Steven Schveighoffer
schveiguy at gmail.com
Tue Apr 9 20:48:45 UTC 2019
On 4/9/19 4:31 PM, Ron Tarrant wrote:
> I'm still struggling to understand templates, but I'll keep at it.
When I first saw C++ templates, I thought "what the hell is this black
magic", and had no idea how they worked. In fact, this was back before
STL, and I recall it was a set of templates called "Rogue Wave". None of
us who were working on the project at the time understood them, so we
ripped them all out.
The thing that made it click for me is that a template is very akin to a
macro substitution -- where you just copy and paste the given parameter
wherever its substitute is found.
For example:
struct S(T)
{
T member;
}
S!int => put int wherever you see T.
So it's like you typed:
struct S
{
int member;
}
and that's what the compiler sees.
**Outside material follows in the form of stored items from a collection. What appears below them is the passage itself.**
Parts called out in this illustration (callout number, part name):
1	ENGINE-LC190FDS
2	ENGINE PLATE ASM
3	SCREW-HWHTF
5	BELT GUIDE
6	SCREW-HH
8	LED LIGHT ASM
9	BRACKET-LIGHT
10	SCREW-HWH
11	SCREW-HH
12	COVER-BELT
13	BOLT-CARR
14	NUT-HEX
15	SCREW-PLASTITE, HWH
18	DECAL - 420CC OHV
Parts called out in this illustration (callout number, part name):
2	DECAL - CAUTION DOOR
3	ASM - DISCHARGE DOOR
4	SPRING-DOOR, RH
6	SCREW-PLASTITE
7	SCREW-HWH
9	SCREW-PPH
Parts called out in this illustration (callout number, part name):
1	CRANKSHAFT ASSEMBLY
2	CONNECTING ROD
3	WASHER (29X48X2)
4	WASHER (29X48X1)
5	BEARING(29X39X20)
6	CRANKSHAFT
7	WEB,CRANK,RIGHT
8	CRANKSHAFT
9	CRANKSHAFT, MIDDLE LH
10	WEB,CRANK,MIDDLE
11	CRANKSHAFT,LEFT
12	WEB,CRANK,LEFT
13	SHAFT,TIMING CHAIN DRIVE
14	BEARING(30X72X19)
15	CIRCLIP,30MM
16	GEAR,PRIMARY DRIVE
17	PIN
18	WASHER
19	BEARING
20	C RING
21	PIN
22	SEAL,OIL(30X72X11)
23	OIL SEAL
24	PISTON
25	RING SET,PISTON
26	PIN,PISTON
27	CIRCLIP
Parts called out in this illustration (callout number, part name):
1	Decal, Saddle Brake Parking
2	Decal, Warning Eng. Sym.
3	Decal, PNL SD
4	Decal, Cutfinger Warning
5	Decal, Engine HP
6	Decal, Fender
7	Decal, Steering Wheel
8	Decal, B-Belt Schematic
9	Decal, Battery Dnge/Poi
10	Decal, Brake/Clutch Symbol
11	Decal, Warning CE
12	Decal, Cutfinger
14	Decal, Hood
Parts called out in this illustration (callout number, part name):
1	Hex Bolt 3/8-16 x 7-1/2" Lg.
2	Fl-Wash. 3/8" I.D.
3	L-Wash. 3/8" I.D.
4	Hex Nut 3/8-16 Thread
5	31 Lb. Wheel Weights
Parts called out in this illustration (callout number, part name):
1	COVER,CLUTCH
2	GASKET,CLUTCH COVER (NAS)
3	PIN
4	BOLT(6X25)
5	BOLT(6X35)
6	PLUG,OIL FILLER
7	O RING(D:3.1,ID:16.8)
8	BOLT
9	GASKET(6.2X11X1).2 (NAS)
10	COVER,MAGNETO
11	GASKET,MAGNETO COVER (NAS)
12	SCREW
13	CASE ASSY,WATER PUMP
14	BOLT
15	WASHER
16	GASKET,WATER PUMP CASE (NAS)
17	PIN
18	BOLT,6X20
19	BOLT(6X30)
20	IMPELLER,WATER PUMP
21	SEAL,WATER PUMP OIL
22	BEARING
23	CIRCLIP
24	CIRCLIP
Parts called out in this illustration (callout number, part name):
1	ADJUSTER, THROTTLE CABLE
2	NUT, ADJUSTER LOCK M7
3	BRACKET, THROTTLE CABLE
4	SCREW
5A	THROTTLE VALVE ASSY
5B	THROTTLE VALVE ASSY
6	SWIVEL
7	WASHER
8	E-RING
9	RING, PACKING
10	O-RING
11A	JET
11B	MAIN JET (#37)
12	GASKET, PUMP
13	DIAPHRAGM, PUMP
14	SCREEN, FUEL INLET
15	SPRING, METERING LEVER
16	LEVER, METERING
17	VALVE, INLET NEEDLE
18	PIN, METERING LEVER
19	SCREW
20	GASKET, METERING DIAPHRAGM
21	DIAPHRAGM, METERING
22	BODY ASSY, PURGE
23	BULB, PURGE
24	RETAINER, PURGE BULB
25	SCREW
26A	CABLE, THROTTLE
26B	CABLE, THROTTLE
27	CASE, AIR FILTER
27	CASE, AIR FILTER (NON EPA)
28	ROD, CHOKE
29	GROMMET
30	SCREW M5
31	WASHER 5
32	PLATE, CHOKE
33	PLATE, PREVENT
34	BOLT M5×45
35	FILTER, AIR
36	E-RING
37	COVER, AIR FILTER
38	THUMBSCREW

All optimization, layout, etc. works
exactly like you typed that directly. But instead of creating one type
for every member type you need, you just write it once and "instantiate"
the template giving the type you want.
I will say, it's not EXACTLY the same as macro substitution -- there are
rules. But it's a good way to think about it. I actually am going to go
over this kind of thinking a bit in my talk this year at dconf.